Chautauqua Trustees Approve Strategic Plan
150 Forward to be made public in June, calls for bold new response
At its quarterly business meeting today, the Chautauqua Institution Board of Trustees approved a new strategic plan for the Institution titled 150 Forward. The plan was developed over the past year and a half following wide community consultation, market research, and externally advised analysis. The plan will guide strategic decision making over the next 10 years, leading up to the Institution’s 150th anniversary in 2024 and beyond.
Framed within the context of Chautauqua’s mission to “… explore the best in human values and the enrichment of life …,” the plan for the first time names values that guide the organization and an overarching goal that frames the 10-year key objectives of the plan as follows:
- Optimize the summer assembly season on the Chautauqua Grounds to provide a first-class experience around the arts, education, religion, and recreation;
- Expand Chautauqua’s convening authority year round to broaden its impact beyond the summer assembly season;
- Drive the implementation of a comprehensive, science-based approach to improving the health and sustainability of Chautauqua Lake and elevate its conservation as the centerpiece of the region’s economic prosperity; and
- Grow and diversify revenue to address critical needs, increase financial resiliency, and fund Chautauqua’s future.
Chautauqua Institution President Michael E. Hill served on the 13-member Strategic Planning Working Group, chaired by former Trustee and Foundation Director Laura Currie, originally of Chautauqua, New York, and currently of Nashville, Tennessee.
“The plan seeks to weave together Chautauqua Institution’s storied past with our inspired present and our bright future,” Hill said. “Just as our founders, Lewis Miller and John Heyl Vincent, imagined a community of learners and seekers on the Grounds and beyond, this plan asks us to be bold enough to imagine the Chautauqua of tomorrow that will live on the Grounds, off the Grounds, and online. The plan also celebrates connections among our four founding pillars of the arts, education, religion, and recreation, acknowledging that sometimes the best way to enter dialogue is through song or play or spiritual inquiry.”
The planning process began last January when Hill and others embarked upon a series of meetings, individual conversations, focus groups, and surveys to collect input from Chautauqua’s broad constituencies. During the 2018 summer assembly season, Board Chair James Pardo, Currie and Hill hosted meetings every Thursday afternoon, where community members were invited to learn about the planning process and to share their aspirations.

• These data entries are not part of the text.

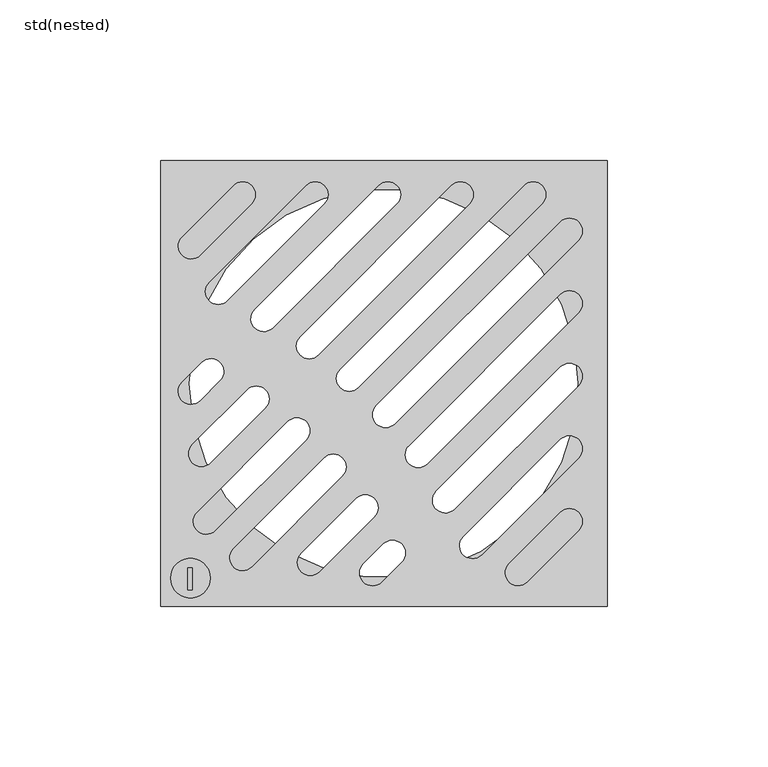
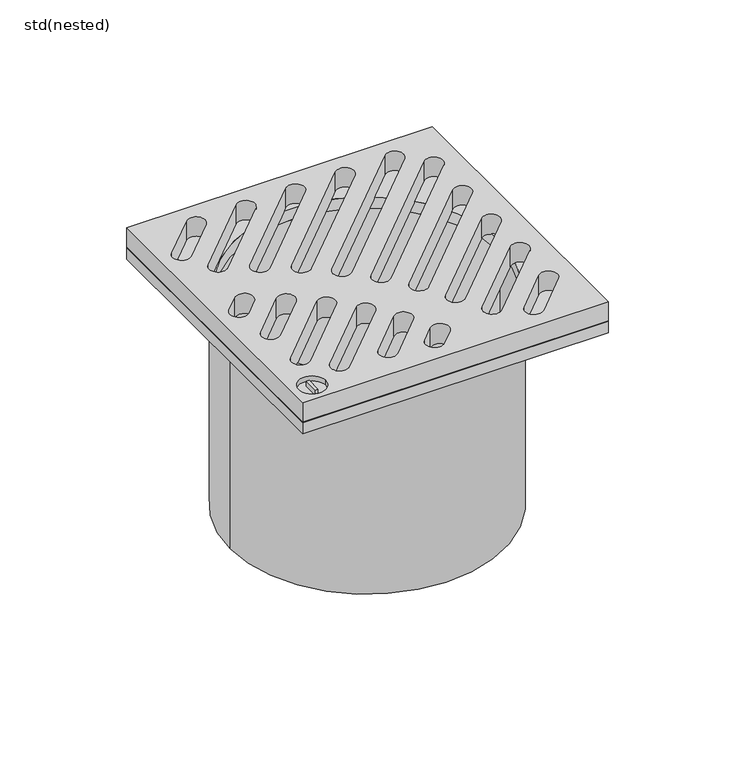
"""IFC4 building model written with IfcOpenShell, lengths in millimetres: sanitary terminal geometry, ZZZ_do_not_use_PF_UN_Top section with grating_ACO : std(nested)."""

from ifc_helpers import new_model, si_unit, point, frame, origin, origin_2d, place, context, project, spatial, polyline, circle_curve, trimmed, segment, composite_curve, outline, extrude, source, transform, mapped, element, save
from ifc_brep_helpers import plane_surface, revolved_surface, advanced_brep


def std_nested_aac93e22(model_context):
    return source(origin(), model_context, "Body", "SolidModel", [
        extrude(outline(polyline([(69.7462401, 69.5), (69.7462401, -69.5), (-69.5, -69.5), (-69.5, 69.5), (69.7462401, 69.5)]), holes=[composite_curve([segment(trimmed(circle_curve(origin_2d(), 60.5), [point((-60.5, 0.0))], [point((60.5, 0.0))], True, "CARTESIAN"), True, "CONTINUOUS"), segment(trimmed(circle_curve(origin_2d(), 60.5), [point((60.5, 0.0))], [point((-60.5, 0.0))], True, "CARTESIAN"), True, "CONTINUOUS")], self_intersect=False)]), frame((0.0, 0.0, -15.0563869), z_axis=(0.0, 0.0, 1.0), x_axis=(1.0, 0.0, 0.0)), (0.0, 0.0, 1.0), 5.4533621),
        advanced_brep(
        [(69.7462401, 69.5, 0.0), (-69.5, 69.5, 0.0), (-69.5, -69.5, 0.0), (69.7462401, -69.5, 0.0), (-58.0998075, -40.2230116, 0.0), (-29.8155362, -11.9387403, 0.0), (-24.158682, -17.5955946, 0.0), (-52.4429532, -45.8798658, 0.0), (-46.786099, -51.5367201, 0.0), (-18.5018277, -23.2524488, 0.0), (-12.8449735, -28.9093031, 0.0), (-41.1292447, -57.1935743, 0.0), (60.722194, 44.6578644, 0.0), (3.4396957, -12.6246339, 0.0), (-2.2171585, -6.9677796, 0.0), (55.0653397, 50.3147186, 0.0), (49.4084855, 55.9715729, 0.0), (-7.8740128, -1.3109254, 0.0), (-13.530867, 4.3459289, 0.0), (43.7516312, 61.6284271, 0.0), (-36.8441776, -7.6536732, 0.0), (-53.9420196, -24.7515152, 0.0), (-59.5988738, -19.0946609, 0.0), (-42.5010319, -1.996819, 0.0), (-50.9721711, 0.8457503, 0.0), (-57.1805686, -5.3626473, 0.0), (-62.8374229, 0.294207, 0.0), (-56.6290253, 6.5026045, 0.0), (-2.9030521, -41.5947987, 0.0), (-20.0008941, -58.6926407, 0.0), (-25.6577483, -53.0357864, 0.0), (-8.5599064, -35.9379445, 0.0), (5.5963714, -55.7227922, 0.0), (-0.6120261, -61.9311897, 0.0), (-6.2688804, -56.2743355, 0.0), (-0.0604829, -50.065938, 0.0), (60.722194, 22.0304474, 0.0), (13.586678, -25.1050686, 0.0), (7.9298238, -19.4482143, 0.0), (55.0653397, 27.6873016, 0.0), (60.722194, -0.5969696, 0.0), (22.0719594, -39.2472042, 0.0), (16.4151051, -33.59035, 0.0), (55.0653397, 5.0598846, 0.0), (60.722194, -23.2243866, 0.0), (30.5006722, -53.4459084, 0.0), (24.843818, -47.7890541, 0.0), (55.0653397, -17.5675324, 0.0), (60.722194, -45.8518036, 0.0), (44.6993764, -61.8746212, 0.0), (39.0425221, -56.217767, 0.0), (55.0653397, -40.1949494, 0.0), (26.7810685, 55.9715729, 0.0), (-20.3544475, 8.8360569, 0.0), (-26.0113017, 14.4929112, 0.0), (21.1242142, 61.6284271, 0.0), (4.1536515, 55.9715729, 0.0), (-34.4965831, 17.3213383, 0.0), (-40.1534373, 22.9781925, 0.0), (-1.5032028, 61.6284271, 0.0), (-18.4737655, 55.9715729, 0.0), (-48.6952873, 25.7500511, 0.0), (-54.3521415, 31.4069054, 0.0), (-24.1306198, 61.6284271, 0.0), (-41.1011825, 55.9715729, 0.0), (-57.1240001, 39.9487553, 0.0), (-62.7808543, 45.6056095, 0.0), (-46.7580368, 61.6284271, 0.0), (-54.0155166, -60.6900753, 0.0), (-66.3283052, -60.6900753, 0.0), (-59.664421, -64.421109, 0.0), (-59.664421, -57.5179867, 0.0), (-60.9366688, -57.5179867, 0.0), (-60.9366688, -64.421109, 0.0), (69.7462401, 69.5, -9.6030249), (69.7462401, -69.5, -9.6030249), (-69.5, -69.5, -9.6030249), (-69.5, 69.5, -9.6030249), (-29.8155362, -11.9387403, -9.6030249), (-58.0998075, -40.2230116, -9.6030249), (-52.4429532, -45.8798658, -9.6030249), (-24.158682, -17.5955946, -9.6030249), (-18.5018277, -23.2524488, -9.6030249), (-46.786099, -51.5367201, -9.6030249), (-41.1292447, -57.1935743, -9.6030249), (-12.8449735, -28.9093031, -9.6030249), (3.4396957, -12.6246339, -9.6030249), (60.722194, 44.6578644, -9.6030249), (55.0653397, 50.3147186, -9.6030249), (-2.2171585, -6.9677796, -9.6030249), (-7.8740128, -1.3109254, -9.6030249), (49.4084855, 55.9715729, -9.6030249), (43.7516312, 61.6284271, -9.6030249), (-13.530867, 4.3459289, -9.6030249), (-53.9420196, -24.7515152, -9.6030249), (-36.8441776, -7.6536732, -9.6030249), (-42.5010319, -1.996819, -9.6030249), (-59.5988738, -19.0946609, -9.6030249), (-57.1805686, -5.3626473, -9.6030249), (-50.9721711, 0.8457503, -9.6030249), (-56.6290253, 6.5026045, -9.6030249), (-62.8374229, 0.294207, -9.6030249), (-20.0008941, -58.6926407, -9.6030249), (-2.9030521, -41.5947987, -9.6030249), (-8.5599064, -35.9379445, -9.6030249), (-25.6577483, -53.0357864, -9.6030249), (-0.6120261, -61.9311897, -9.6030249), (5.5963714, -55.7227922, -9.6030249), (-0.0604829, -50.065938, -9.6030249), (-6.2688804, -56.2743355, -9.6030249), (13.586678, -25.1050686, -9.6030249), (60.722194, 22.0304474, -9.6030249), (55.0653397, 27.6873016, -9.6030249), (7.9298238, -19.4482143, -9.6030249), (22.0719594, -39.2472042, -9.6030249), (60.722194, -0.5969696, -9.6030249), (55.0653397, 5.0598846, -9.6030249), (16.4151051, -33.59035, -9.6030249), (30.5006722, -53.4459084, -9.6030249), (60.722194, -23.2243866, -9.6030249), (55.0653397, -17.5675324, -9.6030249), (24.843818, -47.7890541, -9.6030249), (44.6993764, -61.8746212, -9.6030249), (60.722194, -45.8518036, -9.6030249), (55.0653397, -40.1949494, -9.6030249), (39.0425221, -56.217767, -9.6030249), (-20.3544475, 8.8360569, -9.6030249), (26.7810685, 55.9715729, -9.6030249), (21.1242142, 61.6284271, -9.6030249), (-26.0113017, 14.4929112, -9.6030249), (-34.4965831, 17.3213383, -9.6030249), (4.1536515, 55.9715729, -9.6030249), (-1.5032028, 61.6284271, -9.6030249), (-40.1534373, 22.9781925, -9.6030249), (-48.6952873, 25.7500511, -9.6030249), (-18.4737655, 55.9715729, -9.6030249), (-24.1306198, 61.6284271, -9.6030249), (-54.3521415, 31.4069054, -9.6030249), (-57.1240001, 39.9487553, -9.6030249), (-41.1011825, 55.9715729, -9.6030249), (-46.7580368, 61.6284271, -9.6030249), (-62.7808543, 45.6056095, -9.6030249), (-66.3283052, -60.6900753, -2.4149336), (-54.0155166, -60.6900753, -2.4149336), (-59.664421, -57.5179867, -2.4149336), (-59.664421, -64.421109, -2.4149336), (-60.9366688, -64.421109, -2.4149336), (-60.9366688, -57.5179867, -2.4149336)],
        [
            (0, 1),
            (1, 2),
            (2, 3),
            (3, 0),
            (4, 5),
            (5, 6, circle_curve(frame((-26.9871091, -14.7671674, 0.0), z_axis=(0.0, 0.0, -1.0), x_axis=(1.0, 0.0, 0.0)), 4.0)),
            (6, 7),
            (7, 4, circle_curve(frame((-55.2713803, -43.0514387, 0.0), z_axis=(0.0, 0.0, -1.0), x_axis=(1.0, 0.0, 0.0)), 4.0)),
            (8, 9),
            (9, 10, circle_curve(frame((-15.6734006, -26.0808759, 0.0), z_axis=(0.0, 0.0, -1.0), x_axis=(1.0, 0.0, 0.0)), 4.0)),
            (10, 11),
            (11, 8, circle_curve(frame((-43.9576718, -54.3651472, 0.0), z_axis=(0.0, 0.0, -1.0), x_axis=(1.0, 0.0, 0.0)), 4.0)),
            (12, 13),
            (13, 14, circle_curve(frame((0.6112686, -9.7962068, 0.0), z_axis=(0.0, 0.0, -1.0), x_axis=(1.0, 0.0, 0.0)), 4.0)),
            (14, 15),
            (15, 12, circle_curve(frame((57.8937669, 47.4862915, 0.0), z_axis=(0.0, 0.0, -1.0), x_axis=(1.0, 0.0, 0.0)), 4.0)),
            (16, 17),
            (17, 18, circle_curve(frame((-10.7024399, 1.5175017, 0.0), z_axis=(0.0, 0.0, -1.0), x_axis=(1.0, 0.0, 0.0)), 4.0)),
            (18, 19),
            (19, 16, circle_curve(frame((46.5800584, 58.8, 0.0), z_axis=(0.0, 0.0, -1.0), x_axis=(1.0, 0.0, 0.0)), 4.0)),
            (20, 21),
            (21, 22, circle_curve(frame((-56.7704467, -21.9230881, 0.0), z_axis=(0.0, 0.0, -1.0), x_axis=(1.0, 0.0, 0.0)), 4.0)),
            (22, 23),
            (23, 20, circle_curve(frame((-39.6726047, -4.8252461, 0.0), z_axis=(0.0, 0.0, -1.0), x_axis=(1.0, 0.0, 0.0)), 4.0)),
            (24, 25),
            (25, 26, circle_curve(frame((-60.0089958, -2.5342201, 0.0), z_axis=(0.0, 0.0, -1.0), x_axis=(1.0, 0.0, 0.0)), 4.0)),
            (26, 27),
            (27, 24, circle_curve(frame((-53.8005982, 3.6741774, 0.0), z_axis=(0.0, 0.0, -1.0), x_axis=(1.0, 0.0, 0.0)), 4.0)),
            (28, 29),
            (29, 30, circle_curve(frame((-22.8293212, -55.8642136, 0.0), z_axis=(0.0, 0.0, -1.0), x_axis=(1.0, 0.0, 0.0)), 4.0)),
            (30, 31),
            (31, 28, circle_curve(frame((-5.7314792, -38.7663716, 0.0), z_axis=(0.0, 0.0, -1.0), x_axis=(1.0, 0.0, 0.0)), 4.0)),
            (32, 33),
            (33, 34, circle_curve(frame((-3.4404533, -59.1027626, 0.0), z_axis=(0.0, 0.0, -1.0), x_axis=(1.0, 0.0, 0.0)), 4.0)),
            (34, 35),
            (35, 32, circle_curve(frame((2.7679443, -52.8943651, 0.0), z_axis=(0.0, 0.0, -1.0), x_axis=(1.0, 0.0, 0.0)), 4.0)),
            (36, 37),
            (37, 38, circle_curve(frame((10.7582509, -22.2766415, 0.0), z_axis=(0.0, 0.0, -1.0), x_axis=(1.0, 0.0, 0.0)), 4.0)),
            (38, 39),
            (39, 36, circle_curve(frame((57.8937669, 24.8588745, 0.0), z_axis=(0.0, 0.0, -1.0), x_axis=(1.0, 0.0, 0.0)), 4.0)),
            (40, 41),
            (41, 42, circle_curve(frame((19.2435323, -36.4187771, 0.0), z_axis=(0.0, 0.0, -1.0), x_axis=(1.0, 0.0, 0.0)), 4.0)),
            (42, 43),
            (43, 40, circle_curve(frame((57.8937669, 2.2314575, 0.0), z_axis=(0.0, 0.0, -1.0), x_axis=(1.0, 0.0, 0.0)), 4.0)),
            (44, 45),
            (45, 46, circle_curve(frame((27.6722451, -50.6174812, 0.0), z_axis=(0.0, 0.0, -1.0), x_axis=(1.0, 0.0, 0.0)), 4.0)),
            (46, 47),
            (47, 44, circle_curve(frame((57.8937669, -20.3959595, 0.0), z_axis=(0.0, 0.0, -1.0), x_axis=(1.0, 0.0, 0.0)), 4.0)),
            (48, 49),
            (49, 50, circle_curve(frame((41.8709493, -59.0461941, 0.0), z_axis=(0.0, 0.0, -1.0), x_axis=(1.0, 0.0, 0.0)), 4.0)),
            (50, 51),
            (51, 48, circle_curve(frame((57.8937669, -43.0233765, 0.0), z_axis=(0.0, 0.0, -1.0), x_axis=(1.0, 0.0, 0.0)), 4.0)),
            (52, 53),
            (53, 54, circle_curve(frame((-23.1828746, 11.664484, 0.0), z_axis=(0.0, 0.0, -1.0), x_axis=(1.0, 0.0, 0.0)), 4.0)),
            (54, 55),
            (55, 52, circle_curve(frame((23.9526414, 58.8, 0.0), z_axis=(0.0, 0.0, -1.0), x_axis=(1.0, 0.0, 0.0)), 4.0)),
            (56, 57),
            (57, 58, circle_curve(frame((-37.3250102, 20.1497654, 0.0), z_axis=(0.0, 0.0, -1.0), x_axis=(1.0, 0.0, 0.0)), 4.0)),
            (58, 59),
            (59, 56, circle_curve(frame((1.3252244, 58.8, 0.0), z_axis=(0.0, 0.0, -1.0), x_axis=(1.0, 0.0, 0.0)), 4.0)),
            (60, 61),
            (61, 62, circle_curve(frame((-51.5237144, 28.5784782, 0.0), z_axis=(0.0, 0.0, -1.0), x_axis=(1.0, 0.0, 0.0)), 4.0)),
            (62, 63),
            (63, 60, circle_curve(frame((-21.3021926, 58.8, 0.0), z_axis=(0.0, 0.0, -1.0), x_axis=(1.0, 0.0, 0.0)), 4.0)),
            (64, 65),
            (65, 66, circle_curve(frame((-59.9524272, 42.7771824, 0.0), z_axis=(0.0, 0.0, -1.0), x_axis=(1.0, 0.0, 0.0)), 4.0)),
            (66, 67),
            (67, 64, circle_curve(frame((-43.9296096, 58.8, 0.0), z_axis=(0.0, 0.0, -1.0), x_axis=(1.0, 0.0, 0.0)), 4.0)),
            (68, 69, circle_curve(frame((-60.1719109, -60.6900753, 0.0), z_axis=(0.0, 0.0, -1.0), x_axis=(1.0, 0.0, 0.0)), 6.1563943)),
            (69, 68, circle_curve(frame((-60.1719109, -60.6900753, 0.0), z_axis=(0.0, 0.0, -1.0), x_axis=(1.0, 0.0, 0.0)), 6.1563943)),
            (70, 71),
            (71, 72),
            (72, 73),
            (73, 70),
            (74, 75),
            (75, 76),
            (76, 77),
            (77, 74),
            (78, 79),
            (79, 80, circle_curve(frame((-55.2713803, -43.0514387, -9.6030249), z_axis=(0.0, 0.0, 1.0), x_axis=(1.0, 0.0, 0.0)), 4.0)),
            (80, 81),
            (81, 78, circle_curve(frame((-26.9871091, -14.7671674, -9.6030249), z_axis=(0.0, 0.0, 1.0), x_axis=(1.0, 0.0, 0.0)), 4.0)),
            (82, 83),
            (83, 84, circle_curve(frame((-43.9576718, -54.3651472, -9.6030249), z_axis=(0.0, 0.0, 1.0), x_axis=(1.0, 0.0, 0.0)), 4.0)),
            (84, 85),
            (85, 82, circle_curve(frame((-15.6734006, -26.0808759, -9.6030249), z_axis=(0.0, 0.0, 1.0), x_axis=(1.0, 0.0, 0.0)), 4.0)),
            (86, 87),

“We asked our community members, partners, and regional stakeholders to share their aspirations for Chautauqua and to imagine what we might look like in 2024,” Pardo said. “We also stated firmly at the start of the process that our mission to explore the best in human values and the enrichment of life would not be changed, updated or modified in any way. In fact, through our conversations with community members and through our research endeavors, we learned that Chautauqua’s distinctive mission could not be more urgent or important.”
The plan will be shared with the community in multiple ways starting in June, when additional details will be unveiled in the Institution’s new publication, Chautauqua Magazine, which will be distributed to more than 30,000 constituents via mail. Hill, Pardo, and Currie will also host weekly meetings Thursday afternoons at 3:30 p.m. at the Hall of Christ where they will present the plan and respond to questions. An online version of the plan will be available June 22 (day one of the 2019 summer assembly season) at 150FWD.chq.org. To assure effective implementation of the plan, Chief of Staff and Vice President for Strategic Initiatives Shannon Rozner is responsible for plan monitoring and assessment.
“If we’ve done this right, individuals who took the time to share advice and feedback during the community consultation phase of this planning process will see evidence that their input informed the process and helped to shape the strategies we are pursuing,” Currie said.
Hill said he and other Institution leaders will be available to present the plan to Chautauqua region groups and organizations upon request following the 2019 summer assembly season.
ABOUT CHAUTAUQUA INSTITUTION
The pre-eminent expression of lifelong learning in the United States, Chautauqua Institution comes alive each summer with a unique mix of fine and performing arts, lectures, interfaith worship and programs, and recreational activities. Over the course of nine weeks, more than 100,000 people visit Chautauqua and participate in programs, classes and community events for all ages — all within the beautiful setting of a historic lakeside village. As a community, we celebrate, encourage and study the arts and treat them as integral to all of learning, and we convene the critical conversations of the day to advance understanding through civil dialogue.